Apple Vision Pro anticipation leaves VR industry gasping

I don’t expect this to be a popular opinion, but Apple has sucked all the oxygen out of the virtual/augmented reality industry with the announcement of its Vision Pro headset.

Gasping for air

What’s the evidence? Just data.

Counterpoint data from China shows the VR market there declined 56% year-over-year across the first half of this year. This follows two years of growth in the sector.

Global sales patterns reflect a similar reality, with sales down 39% in the first part of the year. IDC data reflects similar trends, with a 44.6% decline in Q4.

Some of the reasons the analysts see for this decline include consolidation in China’s VR market, tepid economies, and the absence (yet) of killer apps and ecosystems. Those are all valid, but I think anticipation of the Apple product is also denting interest in current VR platforms.

“Chinese Augmented Reality (AR) companies … have a more optimistic outlook for their future development, thanks to the emphasis on Mixed Reality (MR) features by the Apple Vision Pro,” wrote Counterpoint. “They strongly believe in the significance of the interaction between virtual objects and the real world, which may position AR as the ultimate future solution.”

Developers are focusing on visionOS. Apple has been hosting developers to Vision Pro developer labs since June. We know this because the market keeps inventing reports to say how poorly attended these are, which probably isn’t completely accurate.

Love is like oxygen

Other than Apple, Meta remains the current leading hope to take VR mainstream with its Quest 3 headset. But it lacks the hold on people’s hearts and minds that Apple has achieved.

Not only that, consumer perception of products from the brand is permanently dented by Facebook, which roughly three quarters of adult Americans say makes society worse.

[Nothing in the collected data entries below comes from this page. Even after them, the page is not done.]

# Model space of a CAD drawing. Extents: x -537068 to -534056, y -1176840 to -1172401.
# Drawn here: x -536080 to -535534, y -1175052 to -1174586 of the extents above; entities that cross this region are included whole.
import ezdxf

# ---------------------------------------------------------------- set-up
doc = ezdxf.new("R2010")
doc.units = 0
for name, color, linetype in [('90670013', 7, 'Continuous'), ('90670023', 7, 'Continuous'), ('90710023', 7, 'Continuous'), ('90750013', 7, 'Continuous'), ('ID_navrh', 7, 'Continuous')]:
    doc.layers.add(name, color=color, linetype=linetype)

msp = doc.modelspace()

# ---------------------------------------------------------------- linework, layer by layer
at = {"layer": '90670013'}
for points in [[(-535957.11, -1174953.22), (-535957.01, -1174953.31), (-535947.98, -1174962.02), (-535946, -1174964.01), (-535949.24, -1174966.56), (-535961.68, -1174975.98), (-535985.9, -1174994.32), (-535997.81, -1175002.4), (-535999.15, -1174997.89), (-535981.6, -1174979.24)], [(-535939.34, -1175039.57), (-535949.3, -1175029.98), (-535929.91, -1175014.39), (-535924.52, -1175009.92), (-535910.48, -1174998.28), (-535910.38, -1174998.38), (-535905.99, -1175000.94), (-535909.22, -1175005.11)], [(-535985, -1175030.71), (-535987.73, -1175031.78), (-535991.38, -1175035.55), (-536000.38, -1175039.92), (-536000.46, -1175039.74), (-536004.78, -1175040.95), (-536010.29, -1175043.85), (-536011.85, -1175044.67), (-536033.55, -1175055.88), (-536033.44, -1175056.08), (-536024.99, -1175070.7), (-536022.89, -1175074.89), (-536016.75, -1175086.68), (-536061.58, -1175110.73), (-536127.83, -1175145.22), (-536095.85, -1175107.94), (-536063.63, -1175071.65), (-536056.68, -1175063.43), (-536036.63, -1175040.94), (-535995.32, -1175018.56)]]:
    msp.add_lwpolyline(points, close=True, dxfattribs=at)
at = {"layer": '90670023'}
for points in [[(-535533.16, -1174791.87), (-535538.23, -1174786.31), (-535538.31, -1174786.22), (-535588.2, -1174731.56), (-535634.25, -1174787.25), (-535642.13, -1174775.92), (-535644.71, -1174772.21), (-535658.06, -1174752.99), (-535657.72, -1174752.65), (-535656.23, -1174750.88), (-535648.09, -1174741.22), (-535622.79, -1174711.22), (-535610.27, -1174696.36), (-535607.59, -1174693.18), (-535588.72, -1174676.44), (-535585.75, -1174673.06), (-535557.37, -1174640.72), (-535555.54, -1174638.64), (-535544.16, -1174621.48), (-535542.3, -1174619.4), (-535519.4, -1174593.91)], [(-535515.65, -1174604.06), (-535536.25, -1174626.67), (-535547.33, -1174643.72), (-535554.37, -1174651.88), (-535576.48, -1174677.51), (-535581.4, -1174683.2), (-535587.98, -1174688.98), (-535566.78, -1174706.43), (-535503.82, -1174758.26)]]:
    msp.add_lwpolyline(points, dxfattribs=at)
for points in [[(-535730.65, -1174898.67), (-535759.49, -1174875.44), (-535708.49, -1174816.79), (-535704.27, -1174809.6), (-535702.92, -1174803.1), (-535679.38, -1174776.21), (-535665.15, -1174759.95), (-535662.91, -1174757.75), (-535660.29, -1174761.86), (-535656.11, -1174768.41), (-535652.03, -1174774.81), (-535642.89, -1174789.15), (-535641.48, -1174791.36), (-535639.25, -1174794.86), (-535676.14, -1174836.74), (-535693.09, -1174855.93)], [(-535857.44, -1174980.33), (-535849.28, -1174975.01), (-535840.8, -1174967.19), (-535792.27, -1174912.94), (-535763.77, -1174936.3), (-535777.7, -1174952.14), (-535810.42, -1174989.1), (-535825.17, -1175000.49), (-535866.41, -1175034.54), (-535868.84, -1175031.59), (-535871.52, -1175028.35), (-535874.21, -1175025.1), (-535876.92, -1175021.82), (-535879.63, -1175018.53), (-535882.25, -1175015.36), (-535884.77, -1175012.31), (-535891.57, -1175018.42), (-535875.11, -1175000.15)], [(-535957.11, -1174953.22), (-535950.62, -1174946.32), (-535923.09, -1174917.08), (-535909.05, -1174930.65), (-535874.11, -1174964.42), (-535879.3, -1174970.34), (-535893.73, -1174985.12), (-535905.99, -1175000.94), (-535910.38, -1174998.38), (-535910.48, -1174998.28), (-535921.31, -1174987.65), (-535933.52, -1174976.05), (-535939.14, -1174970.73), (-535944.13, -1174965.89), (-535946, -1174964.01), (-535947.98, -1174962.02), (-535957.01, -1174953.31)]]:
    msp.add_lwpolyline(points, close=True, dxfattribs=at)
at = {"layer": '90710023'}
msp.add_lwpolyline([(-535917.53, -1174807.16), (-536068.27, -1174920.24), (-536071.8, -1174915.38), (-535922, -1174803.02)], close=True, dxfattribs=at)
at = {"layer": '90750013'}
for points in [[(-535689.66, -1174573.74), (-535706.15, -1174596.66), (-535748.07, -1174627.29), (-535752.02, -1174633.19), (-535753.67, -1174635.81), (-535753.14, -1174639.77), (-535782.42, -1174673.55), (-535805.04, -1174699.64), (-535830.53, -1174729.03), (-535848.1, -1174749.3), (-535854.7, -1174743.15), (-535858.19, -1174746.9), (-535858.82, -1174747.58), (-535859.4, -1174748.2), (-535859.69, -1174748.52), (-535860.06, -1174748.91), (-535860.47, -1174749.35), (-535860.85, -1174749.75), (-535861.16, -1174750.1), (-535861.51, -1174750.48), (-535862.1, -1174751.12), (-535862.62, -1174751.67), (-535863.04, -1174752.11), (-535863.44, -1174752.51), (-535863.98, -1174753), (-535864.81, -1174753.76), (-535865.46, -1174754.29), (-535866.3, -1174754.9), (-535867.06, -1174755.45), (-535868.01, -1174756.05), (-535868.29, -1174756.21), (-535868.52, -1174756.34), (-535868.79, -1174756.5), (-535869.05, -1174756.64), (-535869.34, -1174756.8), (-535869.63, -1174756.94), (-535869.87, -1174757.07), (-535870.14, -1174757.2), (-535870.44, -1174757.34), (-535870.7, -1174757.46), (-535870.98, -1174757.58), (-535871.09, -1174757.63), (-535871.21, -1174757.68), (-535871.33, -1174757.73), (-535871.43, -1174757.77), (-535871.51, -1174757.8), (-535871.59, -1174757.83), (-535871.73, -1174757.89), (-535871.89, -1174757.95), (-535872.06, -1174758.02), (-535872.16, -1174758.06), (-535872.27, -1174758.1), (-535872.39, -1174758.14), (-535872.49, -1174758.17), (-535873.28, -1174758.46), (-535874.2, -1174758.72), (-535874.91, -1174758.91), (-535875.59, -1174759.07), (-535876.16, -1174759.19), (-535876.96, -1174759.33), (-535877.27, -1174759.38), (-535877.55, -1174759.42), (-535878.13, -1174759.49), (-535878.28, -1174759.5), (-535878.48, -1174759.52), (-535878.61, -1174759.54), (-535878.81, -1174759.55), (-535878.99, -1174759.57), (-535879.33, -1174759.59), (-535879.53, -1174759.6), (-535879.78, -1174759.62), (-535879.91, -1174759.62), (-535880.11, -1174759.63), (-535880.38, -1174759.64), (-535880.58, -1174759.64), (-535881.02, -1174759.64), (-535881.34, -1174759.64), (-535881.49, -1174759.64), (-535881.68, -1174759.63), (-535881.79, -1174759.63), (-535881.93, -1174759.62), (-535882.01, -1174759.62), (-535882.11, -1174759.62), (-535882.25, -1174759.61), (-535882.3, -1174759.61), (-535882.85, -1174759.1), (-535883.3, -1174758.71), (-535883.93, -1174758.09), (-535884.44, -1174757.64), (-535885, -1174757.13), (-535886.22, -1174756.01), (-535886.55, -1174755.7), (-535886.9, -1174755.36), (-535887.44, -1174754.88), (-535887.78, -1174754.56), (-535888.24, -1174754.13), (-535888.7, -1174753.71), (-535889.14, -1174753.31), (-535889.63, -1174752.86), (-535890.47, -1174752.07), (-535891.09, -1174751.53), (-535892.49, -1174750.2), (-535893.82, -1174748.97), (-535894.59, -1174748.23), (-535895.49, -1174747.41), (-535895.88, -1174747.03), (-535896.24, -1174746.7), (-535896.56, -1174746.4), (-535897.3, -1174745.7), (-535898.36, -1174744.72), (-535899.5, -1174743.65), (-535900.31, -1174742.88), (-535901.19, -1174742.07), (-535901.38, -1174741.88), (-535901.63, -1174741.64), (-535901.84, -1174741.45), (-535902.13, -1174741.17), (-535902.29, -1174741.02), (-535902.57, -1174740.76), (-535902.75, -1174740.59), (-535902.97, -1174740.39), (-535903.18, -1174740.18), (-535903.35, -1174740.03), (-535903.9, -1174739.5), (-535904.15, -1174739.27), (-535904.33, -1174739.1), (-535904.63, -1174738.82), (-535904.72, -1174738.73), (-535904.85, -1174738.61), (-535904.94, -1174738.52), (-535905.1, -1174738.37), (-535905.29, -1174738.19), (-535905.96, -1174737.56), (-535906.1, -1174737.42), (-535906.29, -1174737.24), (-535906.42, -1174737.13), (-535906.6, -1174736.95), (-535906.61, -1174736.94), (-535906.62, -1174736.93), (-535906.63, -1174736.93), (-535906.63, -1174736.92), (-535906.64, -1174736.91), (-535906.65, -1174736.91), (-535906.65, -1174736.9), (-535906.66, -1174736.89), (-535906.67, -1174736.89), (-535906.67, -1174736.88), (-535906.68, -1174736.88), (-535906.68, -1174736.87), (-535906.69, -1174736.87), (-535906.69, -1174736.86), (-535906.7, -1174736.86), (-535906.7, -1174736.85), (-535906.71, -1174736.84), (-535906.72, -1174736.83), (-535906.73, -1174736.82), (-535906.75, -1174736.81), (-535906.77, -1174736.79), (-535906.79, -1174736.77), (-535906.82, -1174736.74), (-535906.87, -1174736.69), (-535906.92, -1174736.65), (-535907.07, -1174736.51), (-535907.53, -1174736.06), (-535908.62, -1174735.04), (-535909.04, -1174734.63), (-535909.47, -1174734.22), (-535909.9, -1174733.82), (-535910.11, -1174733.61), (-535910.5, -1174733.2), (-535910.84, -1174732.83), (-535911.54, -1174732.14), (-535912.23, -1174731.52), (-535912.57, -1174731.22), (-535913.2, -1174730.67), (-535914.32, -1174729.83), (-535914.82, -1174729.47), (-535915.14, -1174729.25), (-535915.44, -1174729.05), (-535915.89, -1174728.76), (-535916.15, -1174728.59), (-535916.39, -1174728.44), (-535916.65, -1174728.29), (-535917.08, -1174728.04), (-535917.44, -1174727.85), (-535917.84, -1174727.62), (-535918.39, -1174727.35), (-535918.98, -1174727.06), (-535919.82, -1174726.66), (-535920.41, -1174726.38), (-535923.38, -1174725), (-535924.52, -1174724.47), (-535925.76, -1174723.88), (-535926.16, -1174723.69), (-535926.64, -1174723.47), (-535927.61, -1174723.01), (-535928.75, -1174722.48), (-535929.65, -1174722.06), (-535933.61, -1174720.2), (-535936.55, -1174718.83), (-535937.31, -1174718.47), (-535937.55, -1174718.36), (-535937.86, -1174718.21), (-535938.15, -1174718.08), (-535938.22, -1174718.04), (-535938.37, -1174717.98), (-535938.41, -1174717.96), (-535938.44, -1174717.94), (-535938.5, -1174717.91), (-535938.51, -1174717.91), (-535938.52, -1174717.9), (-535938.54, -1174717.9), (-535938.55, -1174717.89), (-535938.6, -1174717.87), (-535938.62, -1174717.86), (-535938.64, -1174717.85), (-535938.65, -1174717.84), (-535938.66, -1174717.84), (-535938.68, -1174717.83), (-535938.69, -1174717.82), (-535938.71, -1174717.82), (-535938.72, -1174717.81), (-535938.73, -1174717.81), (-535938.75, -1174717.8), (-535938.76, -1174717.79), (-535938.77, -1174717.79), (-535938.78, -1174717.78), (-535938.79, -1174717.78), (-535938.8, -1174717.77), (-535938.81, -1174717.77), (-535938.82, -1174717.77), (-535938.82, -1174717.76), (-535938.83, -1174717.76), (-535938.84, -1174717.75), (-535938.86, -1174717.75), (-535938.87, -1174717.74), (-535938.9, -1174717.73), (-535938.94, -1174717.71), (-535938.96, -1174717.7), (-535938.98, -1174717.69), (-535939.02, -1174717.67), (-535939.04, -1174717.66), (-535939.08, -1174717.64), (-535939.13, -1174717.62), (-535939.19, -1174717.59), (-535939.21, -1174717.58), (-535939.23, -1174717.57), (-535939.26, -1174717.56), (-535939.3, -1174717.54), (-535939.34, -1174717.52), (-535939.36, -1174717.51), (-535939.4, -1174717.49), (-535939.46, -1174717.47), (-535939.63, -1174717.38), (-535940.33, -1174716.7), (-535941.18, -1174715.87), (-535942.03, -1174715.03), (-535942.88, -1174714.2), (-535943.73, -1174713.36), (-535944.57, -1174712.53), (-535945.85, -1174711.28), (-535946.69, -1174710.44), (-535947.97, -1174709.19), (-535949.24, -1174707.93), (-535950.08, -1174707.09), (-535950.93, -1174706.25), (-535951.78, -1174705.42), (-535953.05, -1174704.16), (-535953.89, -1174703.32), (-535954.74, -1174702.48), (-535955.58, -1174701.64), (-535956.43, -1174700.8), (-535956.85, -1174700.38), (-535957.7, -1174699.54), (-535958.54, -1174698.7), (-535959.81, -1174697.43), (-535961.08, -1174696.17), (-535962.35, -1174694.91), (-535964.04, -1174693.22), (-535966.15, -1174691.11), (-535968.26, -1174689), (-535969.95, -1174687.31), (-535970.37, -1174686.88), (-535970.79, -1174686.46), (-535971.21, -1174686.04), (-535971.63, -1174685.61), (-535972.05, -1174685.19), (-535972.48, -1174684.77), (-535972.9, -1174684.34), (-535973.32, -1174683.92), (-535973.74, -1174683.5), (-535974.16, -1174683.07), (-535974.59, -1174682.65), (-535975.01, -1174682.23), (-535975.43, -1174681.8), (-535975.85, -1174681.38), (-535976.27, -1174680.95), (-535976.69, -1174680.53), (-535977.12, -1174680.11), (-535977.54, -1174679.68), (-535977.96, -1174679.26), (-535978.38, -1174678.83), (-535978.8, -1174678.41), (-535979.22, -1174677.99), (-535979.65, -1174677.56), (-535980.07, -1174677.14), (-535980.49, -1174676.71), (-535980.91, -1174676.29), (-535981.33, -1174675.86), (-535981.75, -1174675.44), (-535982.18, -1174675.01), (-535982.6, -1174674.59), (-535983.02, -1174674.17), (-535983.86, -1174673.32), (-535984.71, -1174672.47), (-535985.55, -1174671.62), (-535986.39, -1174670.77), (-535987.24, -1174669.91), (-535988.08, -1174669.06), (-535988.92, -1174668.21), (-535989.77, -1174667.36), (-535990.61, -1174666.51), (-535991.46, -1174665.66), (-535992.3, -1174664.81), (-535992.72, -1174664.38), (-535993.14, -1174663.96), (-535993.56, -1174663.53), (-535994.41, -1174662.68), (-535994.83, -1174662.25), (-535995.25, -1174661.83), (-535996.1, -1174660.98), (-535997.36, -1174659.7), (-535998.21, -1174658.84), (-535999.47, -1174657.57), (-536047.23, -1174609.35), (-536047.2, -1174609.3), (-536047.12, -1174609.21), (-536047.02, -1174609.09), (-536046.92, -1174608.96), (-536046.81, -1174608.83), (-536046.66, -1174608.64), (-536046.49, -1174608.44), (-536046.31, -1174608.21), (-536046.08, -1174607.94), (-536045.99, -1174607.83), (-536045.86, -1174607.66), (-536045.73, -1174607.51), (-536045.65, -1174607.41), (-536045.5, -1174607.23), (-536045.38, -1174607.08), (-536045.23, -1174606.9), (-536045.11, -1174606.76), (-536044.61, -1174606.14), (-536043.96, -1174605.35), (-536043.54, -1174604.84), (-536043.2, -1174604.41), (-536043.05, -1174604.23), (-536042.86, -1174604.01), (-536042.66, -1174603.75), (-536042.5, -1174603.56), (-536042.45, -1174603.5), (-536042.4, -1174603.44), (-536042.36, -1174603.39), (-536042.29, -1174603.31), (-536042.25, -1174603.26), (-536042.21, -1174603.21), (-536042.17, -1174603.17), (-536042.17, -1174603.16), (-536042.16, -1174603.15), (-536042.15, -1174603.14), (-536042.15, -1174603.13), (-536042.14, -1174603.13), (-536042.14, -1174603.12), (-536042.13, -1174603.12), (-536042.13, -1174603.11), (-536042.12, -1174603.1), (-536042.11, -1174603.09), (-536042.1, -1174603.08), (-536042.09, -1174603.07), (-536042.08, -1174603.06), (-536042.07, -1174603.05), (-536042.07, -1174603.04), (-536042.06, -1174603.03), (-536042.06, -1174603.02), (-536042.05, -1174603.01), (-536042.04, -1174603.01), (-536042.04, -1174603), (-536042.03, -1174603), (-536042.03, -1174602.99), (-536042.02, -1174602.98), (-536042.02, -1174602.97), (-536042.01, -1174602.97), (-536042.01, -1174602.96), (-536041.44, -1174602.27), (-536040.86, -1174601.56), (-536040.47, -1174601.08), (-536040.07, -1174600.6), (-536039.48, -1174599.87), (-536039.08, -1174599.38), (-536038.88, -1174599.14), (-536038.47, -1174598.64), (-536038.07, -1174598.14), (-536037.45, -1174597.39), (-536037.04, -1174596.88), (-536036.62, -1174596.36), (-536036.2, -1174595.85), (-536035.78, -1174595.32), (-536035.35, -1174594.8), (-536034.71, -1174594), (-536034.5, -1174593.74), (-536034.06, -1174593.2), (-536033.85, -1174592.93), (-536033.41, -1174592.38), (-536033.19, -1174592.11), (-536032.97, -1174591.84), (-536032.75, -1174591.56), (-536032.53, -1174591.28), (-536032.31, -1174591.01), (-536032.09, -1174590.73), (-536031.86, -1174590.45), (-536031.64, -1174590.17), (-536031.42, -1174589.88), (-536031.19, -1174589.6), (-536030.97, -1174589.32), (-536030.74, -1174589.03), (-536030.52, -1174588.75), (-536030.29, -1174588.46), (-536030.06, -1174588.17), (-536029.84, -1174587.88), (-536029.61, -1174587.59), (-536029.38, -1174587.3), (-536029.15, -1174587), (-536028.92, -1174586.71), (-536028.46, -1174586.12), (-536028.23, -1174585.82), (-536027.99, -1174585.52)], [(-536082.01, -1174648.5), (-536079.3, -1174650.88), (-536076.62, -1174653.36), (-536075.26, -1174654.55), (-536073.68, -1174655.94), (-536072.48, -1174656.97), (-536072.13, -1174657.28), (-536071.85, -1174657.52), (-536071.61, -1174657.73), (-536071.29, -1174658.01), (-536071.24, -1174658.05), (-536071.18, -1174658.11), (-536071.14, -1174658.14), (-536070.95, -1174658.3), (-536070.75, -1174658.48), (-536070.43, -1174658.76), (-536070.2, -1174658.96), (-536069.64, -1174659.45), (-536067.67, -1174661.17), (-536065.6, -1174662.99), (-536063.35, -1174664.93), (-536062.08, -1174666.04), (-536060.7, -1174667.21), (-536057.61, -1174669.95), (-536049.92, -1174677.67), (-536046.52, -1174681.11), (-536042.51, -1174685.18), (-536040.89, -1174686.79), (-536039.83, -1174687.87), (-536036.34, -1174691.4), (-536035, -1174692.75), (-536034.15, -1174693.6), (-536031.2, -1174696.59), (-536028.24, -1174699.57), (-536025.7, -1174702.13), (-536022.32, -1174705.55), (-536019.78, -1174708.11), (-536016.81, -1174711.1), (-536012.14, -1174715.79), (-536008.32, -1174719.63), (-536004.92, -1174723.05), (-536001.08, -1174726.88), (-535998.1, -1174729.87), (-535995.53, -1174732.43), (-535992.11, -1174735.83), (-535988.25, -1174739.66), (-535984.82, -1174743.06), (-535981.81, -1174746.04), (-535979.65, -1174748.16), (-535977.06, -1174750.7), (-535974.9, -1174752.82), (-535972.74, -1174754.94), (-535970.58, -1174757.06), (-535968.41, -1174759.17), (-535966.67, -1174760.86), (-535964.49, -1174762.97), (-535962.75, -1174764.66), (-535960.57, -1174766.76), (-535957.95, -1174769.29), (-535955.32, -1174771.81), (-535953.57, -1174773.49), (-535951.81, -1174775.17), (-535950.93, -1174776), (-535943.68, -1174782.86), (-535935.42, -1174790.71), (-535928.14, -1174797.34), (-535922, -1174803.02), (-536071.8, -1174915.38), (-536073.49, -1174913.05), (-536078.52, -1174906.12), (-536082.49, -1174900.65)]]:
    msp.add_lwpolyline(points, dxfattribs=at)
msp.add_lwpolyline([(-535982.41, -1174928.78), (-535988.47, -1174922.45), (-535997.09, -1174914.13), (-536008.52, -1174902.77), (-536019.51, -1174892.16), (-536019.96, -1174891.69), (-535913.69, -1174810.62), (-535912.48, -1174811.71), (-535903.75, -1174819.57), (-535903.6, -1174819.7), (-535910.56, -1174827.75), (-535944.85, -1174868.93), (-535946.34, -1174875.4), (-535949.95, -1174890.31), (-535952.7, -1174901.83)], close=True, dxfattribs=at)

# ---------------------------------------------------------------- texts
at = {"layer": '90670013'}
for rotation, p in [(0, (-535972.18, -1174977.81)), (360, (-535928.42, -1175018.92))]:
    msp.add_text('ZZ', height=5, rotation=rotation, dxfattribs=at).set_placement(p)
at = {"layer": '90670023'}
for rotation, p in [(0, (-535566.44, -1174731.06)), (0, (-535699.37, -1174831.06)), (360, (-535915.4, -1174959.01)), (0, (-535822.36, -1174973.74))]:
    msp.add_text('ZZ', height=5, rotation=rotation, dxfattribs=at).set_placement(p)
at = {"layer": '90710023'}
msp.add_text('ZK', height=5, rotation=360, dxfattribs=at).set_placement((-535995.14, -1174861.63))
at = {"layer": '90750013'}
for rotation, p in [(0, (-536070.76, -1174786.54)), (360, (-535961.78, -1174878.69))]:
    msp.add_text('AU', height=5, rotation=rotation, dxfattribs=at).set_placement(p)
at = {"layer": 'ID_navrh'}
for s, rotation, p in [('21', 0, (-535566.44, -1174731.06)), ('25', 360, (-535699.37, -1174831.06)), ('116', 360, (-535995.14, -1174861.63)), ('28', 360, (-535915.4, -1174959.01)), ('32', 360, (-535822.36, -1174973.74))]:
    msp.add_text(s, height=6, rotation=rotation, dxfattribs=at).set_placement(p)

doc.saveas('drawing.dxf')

Consumers do worry about price, but they also prefer to take the best option they have. $500 isn’t cheap, nor is $3,500, but anyone preparing to spend a dime on headsets will want to take a look before they buy. Right now, consumers will want to see what Apple achieves with Vision Pro next year.  

Yes, the $3,500 price tag for those devices may put people off, but they aren’t going to shove $500 on the table for a lesser device today if they think it’s possible that what they’ve bought will instantly look second rate when Apple’s device finally appears. They may not be able to afford that device, but they won’t want to end up with something no one wants — where’s the bragging rights?

In the weeks before Apple’s Vision Pro announcement, industry speculation predicted that Apple’s entry into the market would raise all the boats. It will, but it must leave dry dock first.

Not only that, but the current economic and political climate is increasingly risk averse, prompting at least one survey report to state: “The data shows businesses believe VR/AR is the future of content, but after so many false starts in recent years, marketers are clearly more sceptical about the potential of the technology right now.”

No one will jump until they see what’s up.

Solid air

Apple’s Vision Pro is the hot ticket for a future for the whole industry. All the same, Apple does now need to deliver.

With that in mind, it’s not a huge surprise that we’re being treated to the usual negative reporting that presages most Apple products these days, from challenges around prescription lenses to potential neck ache if you use the devices for hours and hours (which you obviously shouldn’t).

This speculation may be true. The speculation may be false. But the fact that such market chatter exists at all helps us see who the gorilla waiting at the side of the AR industry ring is. No wonder Meta is allegedly afraid of what happens once the match begins.

That’s not to say that Apple will land a knockout punch in the first few rounds. The device’s cost, the relative novelty of all the new apps that may appear on the device, the need for killer apps, and the physical problems around design, lenses, battery power, and so on will dent the initial impact.

Up, up, and away…

Apple is already planning follow-up devices and will learn from any errors made in v.1. It always does. At what point will the lenses in these devices become capable of self-setting to match a user’s optical prescription?

In fact, with so many known unknowns, the most likely truth is that the current decline in this category is nothing other than the calm before the storm. And that storm could see Apple’s Vision Pro become an $11 billion business by 2027, which is when some speculate an updated model may appear.